Prompt: The answer must be every line of the data that holds the word "Level".

━━━

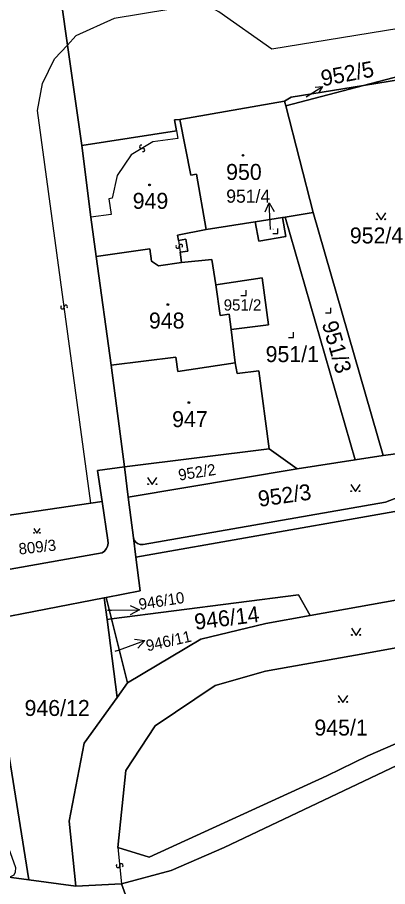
# Model space of a CAD drawing. Extents: x -600309 to -598967, y -1161267 to -1160292.
# Drawn here: x -599244.9 to -599205.5, y -1161220.2 to -1161127.6 of the extents above; entities that cross this region are included whole.
import ezdxf

# ---------------------------------------------------------------- set-up
doc = ezdxf.new("R2010")
doc.units = 0
for name, color, linetype in [('Level 1', 7, 'Continuous'), ('Level 13', 7, 'Continuous'), ('Level 3', 7, 'Continuous'), ('Level 4', 7, 'Continuous'), ('Level 5', 7, 'Continuous'), ('Level 57', 7, 'Continuous'), ('Level 60', 7, 'Continuous'), ('Vrstva 60', 7, 'Continuous')]:
    doc.layers.add(name, color=color, linetype=linetype)

msp = doc.modelspace()

# ---------------------------------------------------------------- linework, layer by layer
at = {"layer": 'Level 1'}
for points in [[(-599240.86, -1161121.69), (-599239.6, -1161130.5)], [(-599166.68, -1161128.1), (-599167.25, -1161124.11), (-599208.04, -1161134.81)], [(-599166.68, -1161128.1), (-599167.3, -1161128.2), (-599208.04, -1161134.81)], [(-599239.6, -1161130.5), (-599238.08, -1161141.2)], [(-599216.47, -1161136.47), (-599215.77, -1161136.06), (-599208.04, -1161134.81)], [(-599216.34, -1161136.99), (-599208.04, -1161134.81)], [(-599227.63, -1161138.44), (-599216.47, -1161136.47)], [(-599216.47, -1161136.47), (-599216.34, -1161136.99)], [(-599213.4, -1161148.37), (-599216.34, -1161136.99)], [(-599227.97, -1161139.66), (-599228.21, -1161138.49), (-599227.63, -1161138.44)], [(-599227.63, -1161138.44), (-599226.44, -1161144.38), (-599225.86, -1161144.27), (-599224.82, -1161150.17)], [(-599238.08, -1161141.2), (-599227.97, -1161139.66)], [(-599238.08, -1161141.2), (-599237.1, -1161148.85)], [(-599213.4, -1161148.37), (-599216.38, -1161148.84)], [(-599213.4, -1161148.37), (-599205.95, -1161174.25)], [(-599237.1, -1161148.85), (-599236.54, -1161153.03)], [(-599219.58, -1161149.34), (-599216.67, -1161148.89)], [(-599216.67, -1161148.89), (-599216.32, -1161150.91), (-599219.22, -1161151.4), (-599219.58, -1161149.34)], [(-599216.67, -1161148.89), (-599216.38, -1161148.84)], [(-599216.38, -1161148.84), (-599208.93, -1161174.71)], [(-599224.82, -1161150.17), (-599227.86, -1161150.77), (-599227.78, -1161151.33)], [(-599224.82, -1161150.17), (-599219.58, -1161149.34)], [(-599227.78, -1161151.33), (-599226.97, -1161151.2), (-599226.79, -1161152.47), (-599227.6, -1161152.59)], [(-599236.54, -1161153.03), (-599230.83, -1161152.22), (-599230.63, -1161153.54), (-599229.9, -1161154.05), (-599227.46, -1161153.69)], [(-599227.6, -1161152.59), (-599227.46, -1161153.69)], [(-599236.54, -1161153.03), (-599234.96, -1161164.64)], [(-599227.46, -1161153.69), (-599224.21, -1161153.36), (-599223.8, -1161156.07)], [(-599223.8, -1161156.07), (-599218.86, -1161155.32), (-599218.19, -1161160.32), (-599222.16, -1161160.82)], [(-599223.8, -1161156.07), (-599223.31, -1161159.32), (-599222.37, -1161159.18), (-599222.16, -1161160.82)], [(-599221.71, -1161164.39), (-599222.16, -1161160.82)], [(-599234.96, -1161164.64), (-599228.06, -1161163.79), (-599227.84, -1161165.3), (-599221.71, -1161164.39)], [(-599234.96, -1161164.64), (-599233.53, -1161175.48)], [(-599221.71, -1161164.39), (-599221.52, -1161165.53), (-599219.21, -1161165.24), (-599218.09, -1161173.54)], [(-599232.57, -1161183.04), (-599232.48, -1161183.29), (-599232.32, -1161183.5), (-599232.14, -1161183.65), (-599231.85, -1161183.75), (-599231.55, -1161183.74), (-599205.71, -1161179.24), (-599203.58, -1161178.41), (-599201.35, -1161176.43), (-599198.94, -1161173.34)], [(-599159.62, -1161172.48), (-599173.52, -1161173.95), (-599178.99, -1161175.18), (-599193.62, -1161178.28), (-599232.3, -1161185.1)], [(-599198.94, -1161173.34), (-599205.95, -1161174.25)], [(-599218.09, -1161173.54), (-599233.53, -1161175.48)], [(-599215.11, -1161175.67), (-599218.09, -1161173.54)], [(-599205.95, -1161174.25), (-599208.93, -1161174.71)], [(-599215.11, -1161175.67), (-599208.93, -1161174.71)], [(-599233.53, -1161175.48), (-599236.4, -1161175.84), (-599235.91, -1161179.17)], [(-599233.53, -1161175.48), (-599233.12, -1161178.7)], [(-599215.11, -1161175.67), (-599233.12, -1161178.7)], [(-599232.57, -1161183.04), (-599233.12, -1161178.7)], [(-599237.12, -1161179.35), (-599249.7, -1161181.2)], [(-599235.91, -1161179.17), (-599235.31, -1161183.28), (-599235.27, -1161183.61), (-599235.33, -1161183.94), (-599235.47, -1161184.22), (-599235.67, -1161184.46), (-599235.92, -1161184.63), (-599248.95, -1161186.94)], [(-599235.91, -1161179.17), (-599237.12, -1161179.35)], [(-599163.1, -1161182.7), (-599163.18, -1161182.24), (-599213.74, -1161191.32)], [(-599232.57, -1161183.04), (-599232.3, -1161185.1)], [(-599235.48, -1161189.38), (-599231.85, -1161188.68), (-599232.3, -1161185.1)], [(-599213.74, -1161191.32), (-599214.99, -1161189.11), (-599234.9, -1161191.67)], [(-599235.69, -1161189.42), (-599248.17, -1161191.83)], [(-599235.48, -1161189.38), (-599235.69, -1161189.42)], [(-599235.69, -1161189.42), (-599235.39, -1161191.73)], [(-599235.48, -1161189.38), (-599234.9, -1161191.67)], [(-599161.82, -1161189.5), (-599186.71, -1161199.25), (-599198.82, -1161204.61), (-599222.89, -1161216.04), (-599228.56, -1161218.5), (-599233.84, -1161219.9)], [(-599234.25, -1161216.06), (-599233.37, -1161207.83), (-599230.27, -1161203.06), (-599223.86, -1161198.78), (-599218.5, -1161197.24), (-599207.91, -1161195.38), (-599204.21, -1161194.67), (-599179.39, -1161190.37), (-599178.01, -1161193.44)], [(-599248.17, -1161191.83), (-599243.72, -1161219.5)], [(-599235.39, -1161191.73), (-599234.9, -1161191.67)], [(-599235.39, -1161191.73), (-599234.32, -1161200.06)], [(-599234.9, -1161191.67), (-599233.19, -1161198.49)], [(-599233.19, -1161198.49), (-599225.39, -1161193.83), (-599218.45, -1161192.16), (-599213.74, -1161191.32)], [(-599178.01, -1161193.44), (-599207.58, -1161206.28), (-599211.95, -1161208.39), (-599230.9, -1161217.06), (-599234.25, -1161216.06)], [(-599233.19, -1161198.49), (-599234.32, -1161200.06)], [(-599238.72, -1161220.17), (-599239.43, -1161213.23), (-599237.82, -1161204.91), (-599234.32, -1161200.06)], [(-599246.09, -1161219.18), (-599243.72, -1161219.5)], [(-599243.72, -1161219.5), (-599238.72, -1161220.17)], [(-599238.72, -1161220.17), (-599233.84, -1161219.9)], [(-599233.84, -1161219.9), (-599223.3, -1161248.82)]]:
    msp.add_lwpolyline(points, dxfattribs=at)
at = {"layer": 'Level 13'}
for centre, start, end in [((-599231.735, -1161141.362), 68.37668, 300.96668), ((-599231.546, -1161141.679), 248.59114, 120.68913), ((-599227.872, -1161151.985), 135.28838, 7.87838), ((-599227.507, -1161151.936), 315.50284, 187.60083), ((-599240.143, -1161158.443), 135.08477, 7.18276), ((-599239.778, -1161158.396), 314.87031, 187.46031), ((-599234.223, -1161217.999), 133.25271, 5.84271), ((-599233.856, -1161217.962), 313.46716, 185.56516)]:
    msp.add_arc(centre, 0.184, start, end, dxfattribs=at)
at = {"layer": 'Level 3'}
for points in [[(-599101.43, -1161117.43), (-599109.99, -1161109.28), (-599114.44, -1161108.57), (-599116.4, -1161108.6), (-599124.79, -1161109.79), (-599126.3, -1161110.5), (-599127.38, -1161111.59), (-599131.31, -1161116.83), (-599217.8, -1161130.93), (-599223.47, -1161126.97), (-599224.65, -1161126.32), (-599225.79, -1161126.22), (-599234.64, -1161127.69), (-599238.7, -1161129.53), (-599239.6, -1161130.5)], [(-599237.12, -1161179.35), (-599242.79, -1161137.48), (-599242.25, -1161134.62), (-599240.97, -1161131.96), (-599239.6, -1161130.5)], [(-599227.97, -1161139.66), (-599227.83, -1161140.47), (-599230.49, -1161140.82), (-599232.8, -1161142.22), (-599234.32, -1161144.41), (-599234.84, -1161146.81), (-599235.2, -1161146.88), (-599234.96, -1161148.55), (-599237.1, -1161148.85)], [(-599227.78, -1161151.33), (-599227.6, -1161152.59)], [(-599234.25, -1161216.06), (-599233.84, -1161219.9)]]:
    msp.add_lwpolyline(points, dxfattribs=at)
at = {"layer": 'Level 5'}
for points in [[(-599206.671, -1161148.38), (-599206.17, -1161149.13), (-599205.67, -1161148.38)], [(-599217.71, -1161150.6), (-599217.16, -1161150.6), (-599217.16, -1161150.05)], [(-599221.11, -1161157.2), (-599220.56, -1161157.2), (-599220.56, -1161156.65)], [(-599212.09, -1161159.05), (-599211.54, -1161159.05), (-599211.54, -1161158.5)], [(-599216.04, -1161161.67), (-599215.49, -1161161.67), (-599215.49, -1161161.12)], [(-599231.061, -1161176.61), (-599230.56, -1161177.36), (-599230.06, -1161176.61)], [(-599209.411, -1161177.36), (-599208.91, -1161178.11), (-599208.41, -1161177.36)], [(-599243.201, -1161182.03), (-599242.86, -1161182.54), (-599242.52, -1161182.03)], [(-599209.341, -1161192.68), (-599208.84, -1161193.43), (-599208.34, -1161192.68)], [(-599210.731, -1161199.83), (-599210.23, -1161200.58), (-599209.73, -1161199.83)]]:
    msp.add_lwpolyline(points, dxfattribs=at)
for centre, radius in [((-599220.89, -1161142.26), 0.09), ((-599220.89, -1161142.26), 0.0521), ((-599230.85, -1161145.41), 0.09), ((-599230.85, -1161145.41), 0.0521), ((-599206.62, -1161149.08), 0.05), ((-599205.721, -1161149.08), 0.05), ((-599228.9, -1161158.17), 0.09), ((-599228.9, -1161158.17), 0.0521), ((-599226.66, -1161168.61), 0.09), ((-599226.66, -1161168.61), 0.0521), ((-599231.01, -1161177.31), 0.05), ((-599230.111, -1161177.31), 0.05), ((-599209.36, -1161178.06), 0.05), ((-599208.461, -1161178.06), 0.05), ((-599243.166, -1161182.506), 0.034), ((-599242.555, -1161182.506), 0.034), ((-599209.29, -1161193.38), 0.05), ((-599208.391, -1161193.38), 0.05), ((-599210.68, -1161200.53), 0.05), ((-599209.781, -1161200.53), 0.05)]:
    msp.add_circle(centre, radius, dxfattribs=at)
at = {"layer": 'Level 57'}
for p, q in [((-599214.16, -1161136.03), (-599212.41, -1161134.91)), ((-599217.96, -1161150.18), (-599218.105, -1161147.31)), ((-599235.32, -1161190.75), (-599234.912, -1161190.747)), ((-599234.912, -1161190.747), (-599231.912, -1161190.725)), ((-599234.168, -1161194.998), (-599231.35, -1161193.97)), ((-599234.53, -1161195.13), (-599234.168, -1161194.998))]:
    msp.add_line(p, q, dxfattribs=at)
for points in [[(-599213.18, -1161134.992), (-599212.41, -1161134.91), (-599212.807, -1161135.575)], [(-599218.535, -1161148.291), (-599218.105, -1161147.31), (-599217.579, -1161148.242)], [(-599232.916, -1161190.232), (-599231.912, -1161190.725), (-599232.908, -1161191.232)], [(-599232.46, -1161193.843), (-599231.35, -1161193.97), (-599232.118, -1161194.782)]]:
    msp.add_lwpolyline(points, dxfattribs=at)
at = {"layer": 'Level 60'}
for points in [[(-599240.86, -1161121.69), (-599239.6, -1161130.5), (-599238.08, -1161141.2), (-599237.1, -1161148.85), (-599236.54, -1161153.03), (-599234.96, -1161164.64), (-599233.53, -1161175.48), (-599236.4, -1161175.84), (-599235.91, -1161179.17), (-599237.12, -1161179.35), (-599249.7, -1161181.2), (-599252.68, -1161158.51), (-599253.88, -1161149.28), (-599254.64, -1161143.96), (-599256.97, -1161138.54), (-599260.66, -1161135.91), (-599265.61, -1161135.24), (-599287.9, -1161138.96), (-599331.21, -1161148.11)], [(-599167.25, -1161124.11), (-599208.04, -1161134.81), (-599215.77, -1161136.06), (-599216.47, -1161136.47), (-599227.63, -1161138.44), (-599228.21, -1161138.49), (-599227.97, -1161139.66), (-599238.08, -1161141.2), (-599239.6, -1161130.5), (-599240.86, -1161121.69)], [(-599223.3, -1161248.82), (-599233.84, -1161219.9), (-599228.56, -1161218.5), (-599222.89, -1161216.04), (-599198.82, -1161204.61), (-599186.71, -1161199.25), (-599161.82, -1161189.5), (-599099.81, -1161165.17), (-599095.29, -1161162.55), (-599094.88, -1161161.32), (-599094.31, -1161159.35), (-599094.94, -1161155.86), (-599095.55, -1161152.16), (-599095.89, -1161150.08), (-599085.08, -1161148.21), (-599079.82, -1161147.3)], [(-599248.95, -1161186.94), (-599235.92, -1161184.63), (-599235.67, -1161184.46), (-599235.47, -1161184.22), (-599235.33, -1161183.94), (-599235.27, -1161183.61), (-599235.31, -1161183.28), (-599235.91, -1161179.17), (-599236.4, -1161175.84), (-599233.53, -1161175.48), (-599233.12, -1161178.7), (-599232.57, -1161183.04), (-599232.3, -1161185.1), (-599231.85, -1161188.68), (-599235.48, -1161189.38), (-599235.69, -1161189.42), (-599248.17, -1161191.83)]]:
    msp.add_lwpolyline(points, dxfattribs=at)
for points in [[(-599166.68, -1161128.1), (-599167.3, -1161128.2), (-599208.04, -1161134.81), (-599167.25, -1161124.11)], [(-599199.52, -1161166.7), (-599196.94, -1161166.87), (-599198.31, -1161172.17), (-599198.94, -1161173.34), (-599205.95, -1161174.25), (-599213.4, -1161148.37), (-599216.34, -1161136.99), (-599208.04, -1161134.81), (-599167.3, -1161128.2), (-599166.68, -1161128.1), (-599166.57, -1161128.91), (-599167.27, -1161128.99), (-599180.79, -1161131.24), (-599188.26, -1161134.19), (-599196.02, -1161141.28), (-599200.42, -1161150.04), (-599201.69, -1161156.94), (-599202.54, -1161166.5)], [(-599216.47, -1161136.47), (-599215.77, -1161136.06), (-599208.04, -1161134.81), (-599216.34, -1161136.99)], [(-599226.44, -1161144.38), (-599227.63, -1161138.44), (-599216.47, -1161136.47), (-599216.34, -1161136.99), (-599213.4, -1161148.37), (-599216.38, -1161148.84), (-599216.67, -1161148.89), (-599219.58, -1161149.34), (-599224.82, -1161150.17), (-599225.86, -1161144.27)], [(-599237.1, -1161148.85), (-599238.08, -1161141.2), (-599227.97, -1161139.66), (-599228.21, -1161138.49), (-599227.63, -1161138.44), (-599226.44, -1161144.38), (-599225.86, -1161144.27), (-599224.82, -1161150.17), (-599227.86, -1161150.77), (-599227.78, -1161151.33), (-599226.97, -1161151.2), (-599226.79, -1161152.47), (-599227.6, -1161152.59), (-599227.46, -1161153.69), (-599229.9, -1161154.05), (-599230.63, -1161153.54), (-599230.83, -1161152.22), (-599236.54, -1161153.03)], [(-599213.4, -1161148.37), (-599205.95, -1161174.25), (-599208.93, -1161174.71), (-599216.38, -1161148.84)], [(-599221.52, -1161165.53), (-599221.71, -1161164.39), (-599222.16, -1161160.82), (-599218.19, -1161160.32), (-599218.86, -1161155.32), (-599223.8, -1161156.07), (-599224.21, -1161153.36), (-599227.46, -1161153.69), (-599227.6, -1161152.59), (-599226.79, -1161152.47), (-599226.97, -1161151.2), (-599227.78, -1161151.33), (-599227.86, -1161150.77), (-599224.82, -1161150.17), (-599219.58, -1161149.34), (-599219.22, -1161151.4), (-599216.32, -1161150.91), (-599216.67, -1161148.89), (-599216.38, -1161148.84), (-599208.93, -1161174.71), (-599215.11, -1161175.67), (-599218.09, -1161173.54), (-599219.21, -1161165.24)], [(-599219.58, -1161149.34), (-599216.67, -1161148.89), (-599216.32, -1161150.91), (-599219.22, -1161151.4)], [(-599234.96, -1161164.64), (-599236.54, -1161153.03), (-599230.83, -1161152.22), (-599230.63, -1161153.54), (-599229.9, -1161154.05), (-599227.46, -1161153.69), (-599224.21, -1161153.36), (-599223.8, -1161156.07), (-599223.31, -1161159.32), (-599222.37, -1161159.18), (-599222.16, -1161160.82), (-599221.71, -1161164.39), (-599227.84, -1161165.3), (-599228.06, -1161163.79)], [(-599222.37, -1161159.18), (-599223.31, -1161159.32), (-599223.8, -1161156.07), (-599218.86, -1161155.32), (-599218.19, -1161160.32), (-599222.16, -1161160.82)], [(-599233.53, -1161175.48), (-599234.96, -1161164.64), (-599228.06, -1161163.79), (-599227.84, -1161165.3), (-599221.71, -1161164.39), (-599221.52, -1161165.53), (-599219.21, -1161165.24), (-599218.09, -1161173.54)], [(-599231.55, -1161183.74), (-599205.71, -1161179.24), (-599203.58, -1161178.41), (-599201.35, -1161176.43), (-599198.94, -1161173.34), (-599187.81, -1161170.91), (-599185.13, -1161175.67), (-599151.4, -1161169.47), (-599147.73, -1161164.98), (-599145.08, -1161164.71), (-599139.27, -1161164.03), (-599144.02, -1161170.83), (-599159.62, -1161172.48), (-599173.52, -1161173.95), (-599178.99, -1161175.18), (-599193.62, -1161178.28), (-599232.3, -1161185.1), (-599232.57, -1161183.04), (-599232.48, -1161183.29), (-599232.32, -1161183.5), (-599232.14, -1161183.65), (-599231.85, -1161183.75)], [(-599235.48, -1161189.38), (-599231.85, -1161188.68), (-599232.3, -1161185.1), (-599193.62, -1161178.28), (-599178.99, -1161175.18), (-599173.52, -1161173.95), (-599159.62, -1161172.48), (-599157.6, -1161180.94), (-599163.1, -1161182.7), (-599163.18, -1161182.24), (-599213.74, -1161191.32), (-599214.99, -1161189.11), (-599234.9, -1161191.67)], [(-599205.71, -1161179.24), (-599231.55, -1161183.74), (-599231.85, -1161183.75), (-599232.14, -1161183.65), (-599232.32, -1161183.5), (-599232.48, -1161183.29), (-599232.57, -1161183.04), (-599233.12, -1161178.7), (-599215.11, -1161175.67), (-599208.93, -1161174.71), (-599205.95, -1161174.25), (-599198.94, -1161173.34), (-599201.35, -1161176.43), (-599203.58, -1161178.41)], [(-599233.53, -1161175.48), (-599218.09, -1161173.54), (-599215.11, -1161175.67), (-599233.12, -1161178.7)], [(-599237.12, -1161179.35), (-599235.91, -1161179.17), (-599235.31, -1161183.28), (-599235.27, -1161183.61), (-599235.33, -1161183.94), (-599235.47, -1161184.22), (-599235.67, -1161184.46), (-599235.92, -1161184.63), (-599248.95, -1161186.94), (-599249.7, -1161181.2)], [(-599233.84, -1161219.9), (-599238.72, -1161220.17), (-599239.43, -1161213.23), (-599237.82, -1161204.91), (-599234.32, -1161200.06), (-599233.19, -1161198.49), (-599225.39, -1161193.83), (-599218.45, -1161192.16), (-599213.74, -1161191.32), (-599163.18, -1161182.24), (-599163.1, -1161182.7), (-599162.23, -1161187.33), (-599161.82, -1161189.5), (-599186.71, -1161199.25), (-599198.82, -1161204.61), (-599222.89, -1161216.04), (-599228.56, -1161218.5)], [(-599225.39, -1161193.83), (-599233.19, -1161198.49), (-599234.9, -1161191.67), (-599214.99, -1161189.11), (-599213.74, -1161191.32), (-599218.45, -1161192.16)], [(-599237.82, -1161204.91), (-599239.43, -1161213.23), (-599238.72, -1161220.17), (-599243.72, -1161219.5), (-599248.17, -1161191.83), (-599235.69, -1161189.42), (-599235.39, -1161191.73), (-599234.32, -1161200.06)], [(-599235.69, -1161189.42), (-599235.48, -1161189.38), (-599234.9, -1161191.67), (-599235.39, -1161191.73)], [(-599218.5, -1161197.24), (-599207.91, -1161195.38), (-599204.21, -1161194.67), (-599179.39, -1161190.37), (-599178.01, -1161193.44), (-599207.58, -1161206.28), (-599211.95, -1161208.39), (-599230.9, -1161217.06), (-599234.25, -1161216.06), (-599233.37, -1161207.83), (-599230.27, -1161203.06), (-599223.86, -1161198.78)], [(-599207.91, -1161195.38), (-599218.5, -1161197.24), (-599223.86, -1161198.78), (-599230.27, -1161203.06), (-599233.37, -1161207.83), (-599234.25, -1161216.06), (-599230.9, -1161217.06), (-599211.95, -1161208.39), (-599207.58, -1161206.28), (-599178.01, -1161193.44), (-599179.39, -1161190.37), (-599204.21, -1161194.67)], [(-599243.72, -1161219.5), (-599246.09, -1161219.18), (-599245.64, -1161219.13), (-599245.29, -1161218.95), (-599245.13, -1161218.63), (-599245.12, -1161218.2), (-599247.73, -1161210.93), (-599254.51, -1161204), (-599262.48, -1161201.42), (-599277.5, -1161204.03), (-599286.52, -1161205.07), (-599290.2, -1161206.59), (-599290.67, -1161205.81), (-599290.46, -1161205.68), (-599286.2, -1161202.26), (-599274.38, -1161196.56), (-599251.29, -1161192.43), (-599248.17, -1161191.83)], [(-599233.19, -1161198.49), (-599234.32, -1161200.06), (-599235.39, -1161191.73), (-599234.9, -1161191.67)]]:
    msp.add_lwpolyline(points, close=True, dxfattribs=at)
at = {"layer": 'Vrstva 60'}
msp.add_lwpolyline([(-599239.15, -1161267.031), (-599213.462, -1161267.031), (-599214.06, -1161265.3), (-599222.73, -1161240.63), (-599223.3, -1161248.82), (-599233.84, -1161219.9), (-599238.72, -1161220.17), (-599243.72, -1161219.5), (-599246.09, -1161219.18), (-599249.63, -1161237.16), (-599241.05, -1161260.89), (-599240.32, -1161263.6)], close=True, dxfattribs=at)

# ---------------------------------------------------------------- texts
at = {"layer": 'Level 4'}
for s, height, rotation, p in [('952/5', 0.1, 10.8, (-599214.16, -1161136.03)), ('951/3', 1.7, 286.2, (-599212.5, -1161160.19)), ('952/2', 1.2, 9, (-599227.69, -1161176.94)), ('952/3', 1.7, 8.1, (-599219.16, -1161179.74)), ('809/3', 1.2, 6.3, (-599244.75, -1161184.82)), ('946/10', 0.1, 9, (-599235.32, -1161190.75)), ('946/14', 1.7, 7.2, (-599225.97, -1161192.85)), ('946/11', 0.1, 12.6, (-599234.53, -1161195.13))]:
    msp.add_text(s, height=height, rotation=rotation, dxfattribs=at).set_placement(p)
for s, height, p in [('950', 1.7, (-599222.69, -1161144.88)), ('949', 1.7, (-599232.65, -1161147.96)), ('951/4', 0.1, (-599217.96, -1161150.18)), ('952/4', 1.7, (-599209.5, -1161151.65)), ('951/2', 1.2, (-599222.95, -1161158.81)), ('948', 1.7, (-599230.92, -1161160.72)), ('951/1', 1.7, (-599218.48, -1161164.3)), ('947', 1.7, (-599228.45, -1161171.23)), ('946/12', 1.7, (-599244.18, -1161202.02)), ('945/1', 1.7, (-599213.28, -1161204.11))]:
    msp.add_text(s, height=height, dxfattribs=at).set_placement(p)
at = {"layer": 'Level 57'}
for s, height, rotation, p in [('952/5', 1.7, 10.8, (-599212.41, -1161134.91)), ('946/10', 1.2, 9, (-599231.912, -1161190.725)), ('946/11', 1.2, 12.6, (-599231.088, -1161195.141))]:
    msp.add_text(s, height=height, rotation=rotation, dxfattribs=at).set_placement(p)
msp.add_text('951/4', height=1.4, dxfattribs=at).set_placement((-599222.675, -1161147.31))

doc.saveas('drawing.dxf')

━━━

Answer for this exercise:
for name, color, linetype in [('Level 1', 7, 'Continuous'), ('Level 13', 7, 'Continuous'), ('Level 3', 7, 'Continuous'), ('Level 4', 7, 'Continuous'), ('Level 5', 7, 'Continuous'), ('Level 57', 7, 'Continuous'), ('Level 60', 7, 'Continuous'), ('Vrstva 60', 7, 'Continuous')]:
at = {"layer": 'Level 1'}
at = {"layer": 'Level 13'}
at = {"layer": 'Level 3'}
at = {"layer": 'Level 5'}
at = {"layer": 'Level 57'}
at = {"layer": 'Level 60'}
at = {"layer": 'Level 4'}
at = {"layer": 'Level 57'}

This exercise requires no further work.